Prompt:
Return exactly the lines below, starting with the one that has "wall_19_placement = place(building_placement, origin())" and going on through the one that has "wall_22_placement = place(building_placement, origin())".

**** Source data

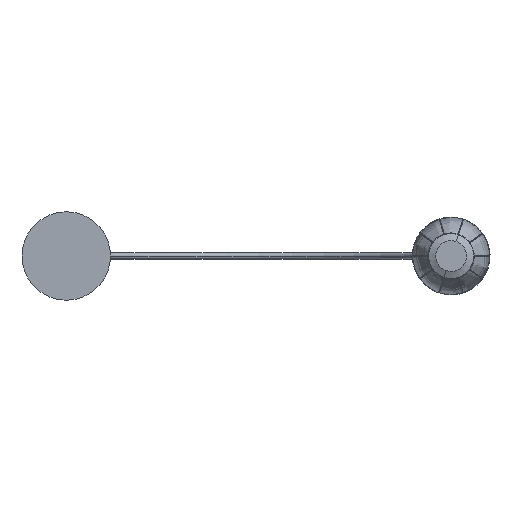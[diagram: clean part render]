
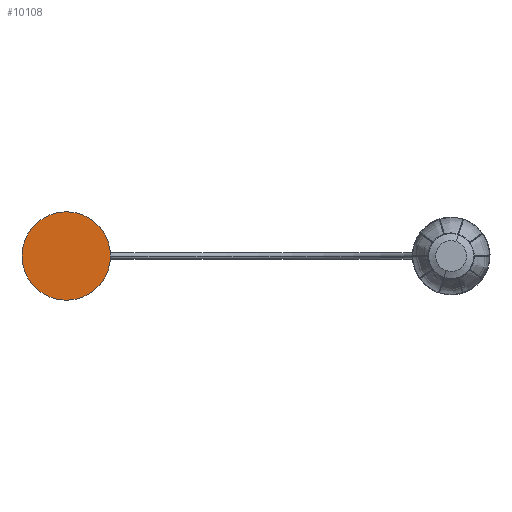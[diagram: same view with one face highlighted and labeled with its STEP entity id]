
A CAD part, front view. The second image highlights one B-rep face of the part: STEP entity #10108.
In plain terms, the highlighted planar face has unit normal (0, -1, 0).
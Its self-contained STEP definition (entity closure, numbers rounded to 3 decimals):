
#482 = CARTESIAN_POINT ( 'NONE',  ( 0.741, 0., -115. ) ) ;
#932 = EDGE_CURVE ( 'NONE', #1916, #3820, #13663, .T. ) ;
#934 = CIRCLE ( 'NONE', #11863, 115. ) ;
#1291 = FACE_OUTER_BOUND ( 'NONE', #2436, .T. ) ;
#1705 = DIRECTION ( 'NONE',  ( 0., 0., 1. ) ) ;
#1916 = VERTEX_POINT ( 'NONE', #3492 ) ;
#2383 = DIRECTION ( 'NONE',  ( 0., 0., 1. ) ) ;
#2436 = EDGE_LOOP ( 'NONE', ( #13592, #8425 ) ) ;
#3492 = CARTESIAN_POINT ( 'NONE',  ( 0.741, 0., 115. ) ) ;
#3820 = VERTEX_POINT ( 'NONE', #482 ) ;
#4948 = PLANE ( 'NONE',  #7449 ) ;
#5127 = CARTESIAN_POINT ( 'NONE',  ( 0.741, 0., 0. ) ) ;
#5627 = CARTESIAN_POINT ( 'NONE',  ( 0.741, 0., 0. ) ) ;
#6184 = DIRECTION ( 'NONE',  ( 0., 1., 0. ) ) ;
#6633 = DIRECTION ( 'NONE',  ( 0., 1., 0. ) ) ;
#7382 = AXIS2_PLACEMENT_3D ( 'NONE', #12048, #7759, #11958 ) ;
#7449 = AXIS2_PLACEMENT_3D ( 'NONE', #5127, #6184, #1705 ) ;
#7759 = DIRECTION ( 'NONE',  ( 0., 1., 0. ) ) ;
#8425 = ORIENTED_EDGE ( 'NONE', *, *, #932, .F. ) ;
#10108 = ADVANCED_FACE ( 'NONE', ( #1291 ), #4948, .F. ) ;
#10836 = EDGE_CURVE ( 'NONE', #3820, #1916, #934, .T. ) ;
#11863 = AXIS2_PLACEMENT_3D ( 'NONE', #5627, #6633, #2383 ) ;
#11958 = DIRECTION ( 'NONE',  ( 0., 0., 1. ) ) ;
#12048 = CARTESIAN_POINT ( 'NONE',  ( 0.741, 0., 0. ) ) ;
#13592 = ORIENTED_EDGE ( 'NONE', *, *, #10836, .F. ) ;
#13663 = CIRCLE ( 'NONE', #7382, 115. ) ;
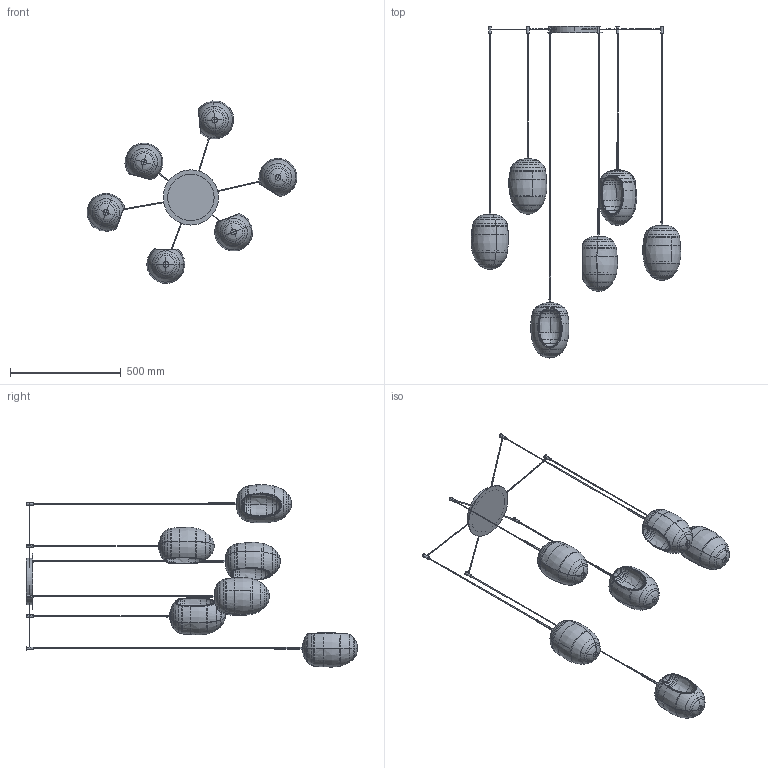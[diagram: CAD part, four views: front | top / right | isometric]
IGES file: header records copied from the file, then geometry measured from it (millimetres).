
Start section: SolidWorks IGES file using analytic representation for surfaces
Global section: file name: Y:\eforma\TECNICO\SOLIDWORKS\E-FORMA\09-LAMPADE\FOS\02 parts\FOS06_6 sospensione.IGS; native system: SolidWorks 2022; preprocessor: SolidWorks 2022; author: eforma.tech; date: 250519.091206; units: millimetre
Bounding box: 948.42 x 1500.54 x 824.85 mm (x, y, z)
Volume: 3494832.3 mm3; surface area: 2072993.1 mm2
Topology: 61 solids, 61 shells, 1393 faces, 3332 edges, 2050 vertices
Faces by surface type: revolution 898, plane 363, bspline 132
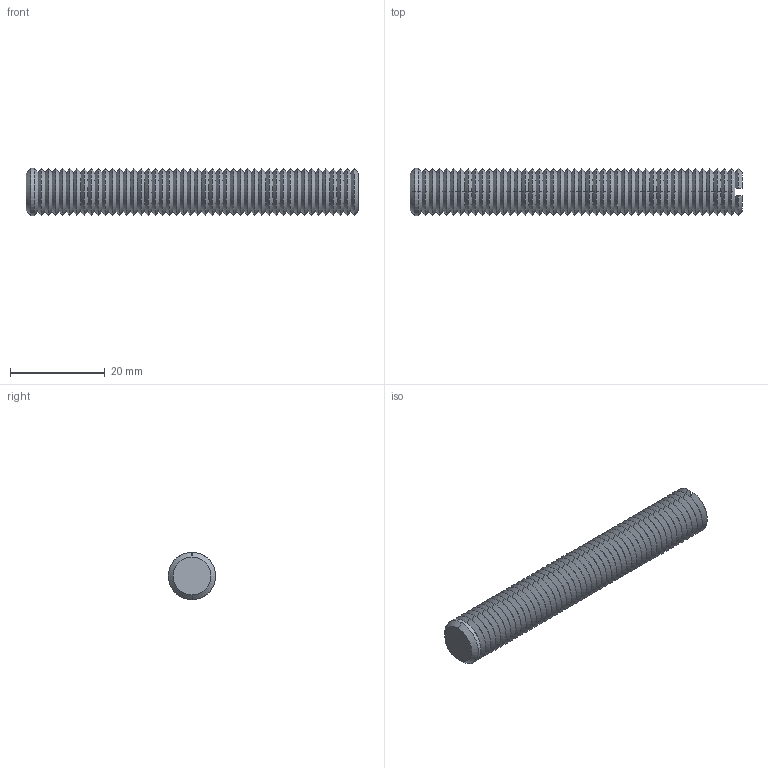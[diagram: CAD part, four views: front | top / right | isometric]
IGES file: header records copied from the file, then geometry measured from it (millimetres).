
Start section: SolidWorks IGES file using analytic representation for surfaces
Global section: file name: C:\Documents and Settings\IANO\Desktop\Temp File\Process pending\EXISTING\34300_v2\34300_v2_20170622_IGES\34300.W0108.igs; native system: SolidWorks 2009; preprocessor: SolidWorks 2009; author: IANO; date: 170622.094109; units: millimetre
Bounding box: 70 x 10 x 10 mm (x, y, z)
Surface area: 3294.5 mm2 (no closed solid volume)
Topology: 0 solids, 0 shells, 192 faces, 832 edges, 832 vertices
Faces by surface type: revolution 186, bspline 6
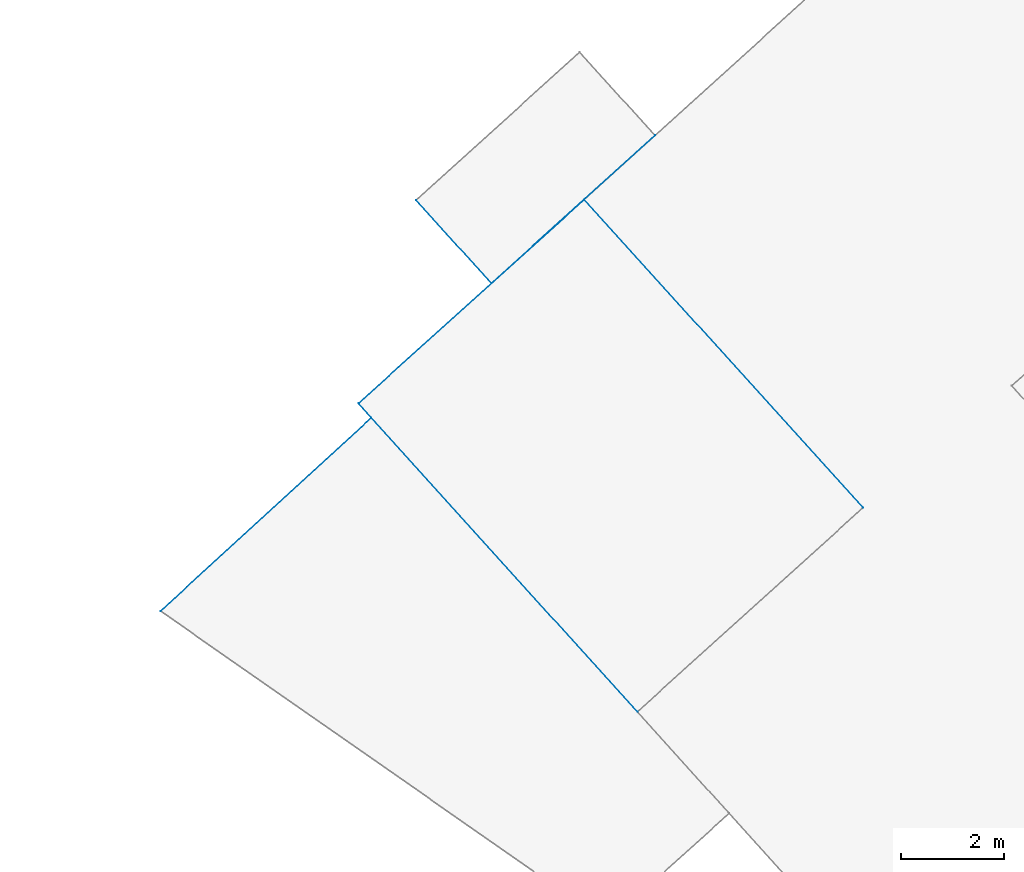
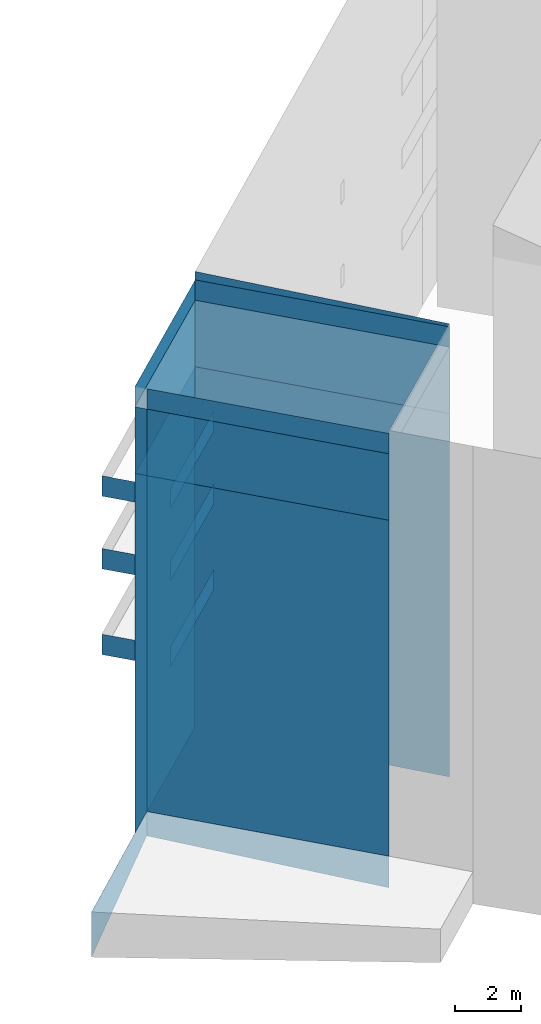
# Not in any storey, part 6 of 136: 27 walls.
"""IFC4 building model written with IfcOpenShell, lengths in metres."""

from ifc_helpers import new_model, entity, si_unit, converted_unit, origin, place, context, subcontext, project, spatial, face_set, surface_model, element, save


model = new_model("IFC4")

# Units and contexts
model_context = context("Model", 3, precision=1e-05, world=origin())
body_context = subcontext(model_context, "Body", "Model", "MODEL_VIEW")
ifc_project = project(units=[converted_unit("PLANEANGLEUNIT", "DEGREE", entity("IfcRatioMeasure", 0.0174532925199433), si_unit("PLANEANGLEUNIT", "RADIAN"), dimensions=[0, 0, 0, 0, 0, 0, 0]), si_unit("AREAUNIT", "SQUARE_METRE"), si_unit("LENGTHUNIT", "METRE")], contexts=[model_context])

# Site, building
site_placement = place(None, origin())
site = spatial("IfcSite", under=ifc_project, at=site_placement, Name="_site")
building_placement = place(site_placement, origin())
building = spatial("IfcBuilding", under=site, at=building_placement, Name="_building")

# Walls
wall_1_placement = place(building_placement, origin())
element("IfcWall", 1, at=wall_1_placement, inside=building, Name="Wall", PredefinedType="NOTDEFINED", context=body_context, shape_type="SurfaceModel", body=[
    surface_model("IfcFaceBasedSurfaceModel", [(47.27, 1.34, 44.76), (44.1, -1.53, 44.76), (44.1, -1.53, 45.51), (47.27, 1.34, 45.51)], [face_set([[[0, 1, 2, 3]]])]),
])
wall_2_placement = place(building_placement, origin())
element("IfcWall", 2, at=wall_2_placement, inside=building, Name="Wall", PredefinedType="NOTDEFINED", context=body_context, shape_type="SurfaceModel", body=[
    surface_model("IfcFaceBasedSurfaceModel", [(44.1, -1.53, 44.76), (42.64, 0.08, 44.76), (42.64, 0.08, 45.51), (44.1, -1.53, 45.51)], [face_set([[[0, 1, 2, 3]]])]),
])
wall_3_placement = place(building_placement, origin())
element("IfcWall", 3, at=wall_3_placement, inside=building, Name="Wall", PredefinedType="NOTDEFINED", context=body_context, shape_type="SurfaceModel", body=[
    surface_model("IfcFaceBasedSurfaceModel", [(47.27, 1.34, 44.76), (44.1, -1.53, 44.76), (44.1, -1.53, 45.51), (47.27, 1.34, 45.51)], [face_set([[[0, 1, 2, 3]]])]),
])
wall_4_placement = place(building_placement, origin())
element("IfcWall", 4, at=wall_4_placement, inside=building, Name="Wall", PredefinedType="NOTDEFINED", context=body_context, shape_type="SurfaceModel", body=[
    surface_model("IfcFaceBasedSurfaceModel", [(44.1, -1.53, 44.76), (42.64, 0.08, 44.76), (42.64, 0.08, 45.51), (44.1, -1.53, 45.51)], [face_set([[[0, 1, 2, 3]]])]),
])
wall_5_placement = place(building_placement, origin())
element("IfcWall", 5, at=wall_5_placement, inside=building, Name="Wall", PredefinedType="NOTDEFINED", context=body_context, shape_type="SurfaceModel", body=[
    surface_model("IfcFaceBasedSurfaceModel", [(45.9, 0.09, 53.51), (51.31, -5.88, 53.51), (51.31, -5.88, 37.67), (45.9, 0.09, 37.775)], [face_set([[[0, 1, 2, 3]]])]),
])
wall_6_placement = place(building_placement, origin())
element("IfcWall", 6, at=wall_6_placement, inside=building, Name="Wall", PredefinedType="NOTDEFINED", context=body_context, shape_type="SurfaceModel", body=[
    surface_model("IfcFaceBasedSurfaceModel", [(41.52, -3.86, 53.51), (45.9, 0.09, 53.51), (45.9, 0.09, 37.775), (41.52, -3.86, 37.777)], [face_set([[[0, 1, 2, 3]]])]),
])
wall_7_placement = place(building_placement, origin())
element("IfcWall", 7, at=wall_7_placement, inside=building, Name="Wall", PredefinedType="NOTDEFINED", context=body_context, shape_type="SurfaceModel", body=[
    surface_model("IfcFaceBasedSurfaceModel", [(41.77, -4.14, 53.51), (41.52, -3.86, 53.51), (41.52, -3.86, 37.777), (41.77, -4.14, 37.781)], [face_set([[[0, 1, 2, 3]]])]),
])
wall_8_placement = place(building_placement, origin())
element("IfcWall", 8, at=wall_8_placement, inside=building, Name="Wall", PredefinedType="NOTDEFINED", context=body_context, shape_type="SurfaceModel", body=[
    surface_model("IfcFaceBasedSurfaceModel", [(46.93, -9.84, 53.51), (41.77, -4.14, 53.51), (41.77, -4.14, 37.781), (46.93, -9.84, 37.513)], [face_set([[[0, 1, 2, 3]]])]),
])
wall_9_placement = place(building_placement, origin())
element("IfcWall", 9, at=wall_9_placement, inside=building, Name="Wall", PredefinedType="NOTDEFINED", context=body_context, shape_type="SurfaceModel", body=[
    surface_model("IfcFaceBasedSurfaceModel", [(47.27, 1.34, 47.44), (44.1, -1.53, 47.44), (44.1, -1.53, 48.19), (47.27, 1.34, 48.19)], [face_set([[[0, 1, 2, 3]]])]),
])
wall_10_placement = place(building_placement, origin())
element("IfcWall", 10, at=wall_10_placement, inside=building, Name="Wall", PredefinedType="NOTDEFINED", context=body_context, shape_type="SurfaceModel", body=[
    surface_model("IfcFaceBasedSurfaceModel", [(44.1, -1.53, 47.44), (42.64, 0.08, 47.44), (42.64, 0.08, 48.19), (44.1, -1.53, 48.19)], [face_set([[[0, 1, 2, 3]]])]),
])
wall_11_placement = place(building_placement, origin())
element("IfcWall", 11, at=wall_11_placement, inside=building, Name="Wall", PredefinedType="NOTDEFINED", context=body_context, shape_type="SurfaceModel", body=[
    surface_model("IfcFaceBasedSurfaceModel", [(47.27, 1.34, 47.44), (44.1, -1.53, 47.44), (44.1, -1.53, 48.19), (47.27, 1.34, 48.19)], [face_set([[[0, 1, 2, 3]]])]),
])
wall_12_placement = place(building_placement, origin())
element("IfcWall", 12, at=wall_12_placement, inside=building, Name="Wall", PredefinedType="NOTDEFINED", context=body_context, shape_type="SurfaceModel", body=[
    surface_model("IfcFaceBasedSurfaceModel", [(44.1, -1.53, 47.44), (42.64, 0.08, 47.44), (42.64, 0.08, 48.19), (44.1, -1.53, 48.19)], [face_set([[[0, 1, 2, 3]]])]),
])
wall_13_placement = place(building_placement, origin())
element("IfcWall", 13, at=wall_13_placement, inside=building, Name="Wall", PredefinedType="NOTDEFINED", context=body_context, shape_type="SurfaceModel", body=[
    surface_model("IfcFaceBasedSurfaceModel", [(37.68, -7.89, 38.68), (41.77, -4.14, 38.68), (41.77, -4.14, 37.781), (37.68, -7.89, 37.016)], [face_set([[[0, 1, 2, 3]]])]),
])
wall_14_placement = place(building_placement, origin())
element("IfcWall", 14, at=wall_14_placement, inside=building, Name="Wall", PredefinedType="NOTDEFINED", context=body_context, shape_type="SurfaceModel", body=[
    surface_model("IfcFaceBasedSurfaceModel", [(46.93, -9.84, 51.06), (41.77, -4.14, 51.06), (41.77, -4.14, 38.68), (46.93, -9.84, 38.68)], [face_set([[[0, 1, 2, 3]]])]),
])
wall_15_placement = place(building_placement, origin())
element("IfcWall", 15, at=wall_15_placement, inside=building, Name="Wall", PredefinedType="NOTDEFINED", context=body_context, shape_type="SurfaceModel", body=[
    surface_model("IfcFaceBasedSurfaceModel", [(41.52, -3.86, 51.06), (45.9, 0.09, 51.06), (45.9, 0.09, 37.775), (41.52, -3.86, 37.777)], [face_set([[[0, 1, 2, 3]]])]),
])
wall_16_placement = place(building_placement, origin())
element("IfcWall", 16, at=wall_16_placement, inside=building, Name="Wall", PredefinedType="NOTDEFINED", context=body_context, shape_type="SurfaceModel", body=[
    surface_model("IfcFaceBasedSurfaceModel", [(41.77, -4.14, 51.06), (41.52, -3.86, 51.06), (41.52, -3.86, 37.777), (41.77, -4.14, 37.781)], [face_set([[[0, 1, 2, 3]]])]),
])
wall_17_placement = place(building_placement, origin())
element("IfcWall", 17, at=wall_17_placement, inside=building, Name="Wall", PredefinedType="NOTDEFINED", context=body_context, shape_type="SurfaceModel", body=[
    surface_model("IfcFaceBasedSurfaceModel", [(51.31, -5.88, 54.37), (45.9, 0.09, 54.57), (45.9, 0.09, 51.06), (51.31, -5.88, 51.06)], [face_set([[[0, 1, 2, 3]]])]),
])
wall_18_placement = place(building_placement, origin())
element("IfcWall", 18, at=wall_18_placement, inside=building, Name="Wall", PredefinedType="NOTDEFINED", context=body_context, shape_type="SurfaceModel", body=[
    surface_model("IfcFaceBasedSurfaceModel", [(47.27, 1.34, 41.6), (44.1, -1.53, 41.6), (44.1, -1.53, 42.35), (47.27, 1.34, 42.35)], [face_set([[[0, 1, 2, 3]]])]),
])
wall_19_placement = place(building_placement, origin())
element("IfcWall", 19, at=wall_19_placement, inside=building, Name="Wall", PredefinedType="NOTDEFINED", context=body_context, shape_type="SurfaceModel", body=[
    surface_model("IfcFaceBasedSurfaceModel", [(44.1, -1.53, 41.6), (42.64, 0.08, 41.6), (42.64, 0.08, 42.35), (44.1, -1.53, 42.35)], [face_set([[[0, 1, 2, 3]]])]),
])
wall_20_placement = place(building_placement, origin())
element("IfcWall", 20, at=wall_20_placement, inside=building, Name="Wall", PredefinedType="NOTDEFINED", context=body_context, shape_type="SurfaceModel", body=[
    surface_model("IfcFaceBasedSurfaceModel", [(47.27, 1.34, 41.6), (44.1, -1.53, 41.6), (44.1, -1.53, 42.35), (47.27, 1.34, 42.35)], [face_set([[[0, 1, 2, 3]]])]),
])
wall_21_placement = place(building_placement, origin())
element("IfcWall", 21, at=wall_21_placement, inside=building, Name="Wall", PredefinedType="NOTDEFINED", context=body_context, shape_type="SurfaceModel", body=[
    surface_model("IfcFaceBasedSurfaceModel", [(44.1, -1.53, 41.6), (42.64, 0.08, 41.6), (42.64, 0.08, 42.35), (44.1, -1.53, 42.35)], [face_set([[[0, 1, 2, 3]]])]),
])
wall_22_placement = place(building_placement, origin())
element("IfcWall", 22, at=wall_22_placement, inside=building, Name="Wall", PredefinedType="NOTDEFINED", context=body_context, shape_type="SurfaceModel", body=[
    surface_model("IfcFaceBasedSurfaceModel", [(45.9, 0.09, 53.51), (51.31, -5.88, 53.51), (51.31, -5.88, 54.26), (45.9, 0.09, 54.26)], [face_set([[[0, 1, 2, 3]]])]),
])
wall_23_placement = place(building_placement, origin())
element("IfcWall", 23, at=wall_23_placement, inside=building, Name="Wall", PredefinedType="NOTDEFINED", context=body_context, shape_type="SurfaceModel", body=[
    surface_model("IfcFaceBasedSurfaceModel", [(41.52, -3.86, 53.51), (45.9, 0.09, 53.51), (45.9, 0.09, 54.26), (41.52, -3.86, 54.26)], [face_set([[[0, 1, 2, 3]]])]),
])
wall_24_placement = place(building_placement, origin())
element("IfcWall", 24, at=wall_24_placement, inside=building, Name="Wall", PredefinedType="NOTDEFINED", context=body_context, shape_type="SurfaceModel", body=[
    surface_model("IfcFaceBasedSurfaceModel", [(46.93, -9.84, 53.51), (41.77, -4.14, 53.51), (41.77, -4.14, 54.26), (46.93, -9.84, 54.26)], [face_set([[[0, 1, 2, 3]]])]),
])
wall_25_placement = place(building_placement, origin())
element("IfcWall", 25, at=wall_25_placement, inside=building, Name="Wall", PredefinedType="NOTDEFINED", context=body_context, shape_type="SurfaceModel", body=[
    surface_model("IfcFaceBasedSurfaceModel", [(45.9, 0.09, 53.51), (51.31, -5.88, 53.51), (51.31, -5.88, 54.26), (45.9, 0.09, 54.26)], [face_set([[[0, 1, 2, 3]]])]),
])
wall_26_placement = place(building_placement, origin())
element("IfcWall", 26, at=wall_26_placement, inside=building, Name="Wall", PredefinedType="NOTDEFINED", context=body_context, shape_type="SurfaceModel", body=[
    surface_model("IfcFaceBasedSurfaceModel", [(41.52, -3.86, 53.51), (45.9, 0.09, 53.51), (45.9, 0.09, 54.26), (41.52, -3.86, 54.26)], [face_set([[[0, 1, 2, 3]]])]),
])
wall_27_placement = place(building_placement, origin())
element("IfcWall", 27, at=wall_27_placement, inside=building, Name="Wall", PredefinedType="NOTDEFINED", context=body_context, shape_type="SurfaceModel", body=[
    surface_model("IfcFaceBasedSurfaceModel", [(46.93, -9.84, 53.51), (41.77, -4.14, 53.51), (41.77, -4.14, 54.26), (46.93, -9.84, 54.26)], [face_set([[[0, 1, 2, 3]]])]),
])

save(model, "model.ifc")

********

Answer to this problem:
wall_19_placement = place(building_placement, origin())
element("IfcWall", 19, at=wall_19_placement, inside=building, Name="Wall", PredefinedType="NOTDEFINED", context=body_context, shape_type="SurfaceModel", body=[
    surface_model("IfcFaceBasedSurfaceModel", [(44.1, -1.53, 41.6), (42.64, 0.08, 41.6), (42.64, 0.08, 42.35), (44.1, -1.53, 42.35)], [face_set([[[0, 1, 2, 3]]])]),
])
wall_20_placement = place(building_placement, origin())
element("IfcWall", 20, at=wall_20_placement, inside=building, Name="Wall", PredefinedType="NOTDEFINED", context=body_context, shape_type="SurfaceModel", body=[
    surface_model("IfcFaceBasedSurfaceModel", [(47.27, 1.34, 41.6), (44.1, -1.53, 41.6), (44.1, -1.53, 42.35), (47.27, 1.34, 42.35)], [face_set([[[0, 1, 2, 3]]])]),
])
wall_21_placement = place(building_placement, origin())
element("IfcWall", 21, at=wall_21_placement, inside=building, Name="Wall", PredefinedType="NOTDEFINED", context=body_context, shape_type="SurfaceModel", body=[
    surface_model("IfcFaceBasedSurfaceModel", [(44.1, -1.53, 41.6), (42.64, 0.08, 41.6), (42.64, 0.08, 42.35), (44.1, -1.53, 42.35)], [face_set([[[0, 1, 2, 3]]])]),
])
wall_22_placement = place(building_placement, origin())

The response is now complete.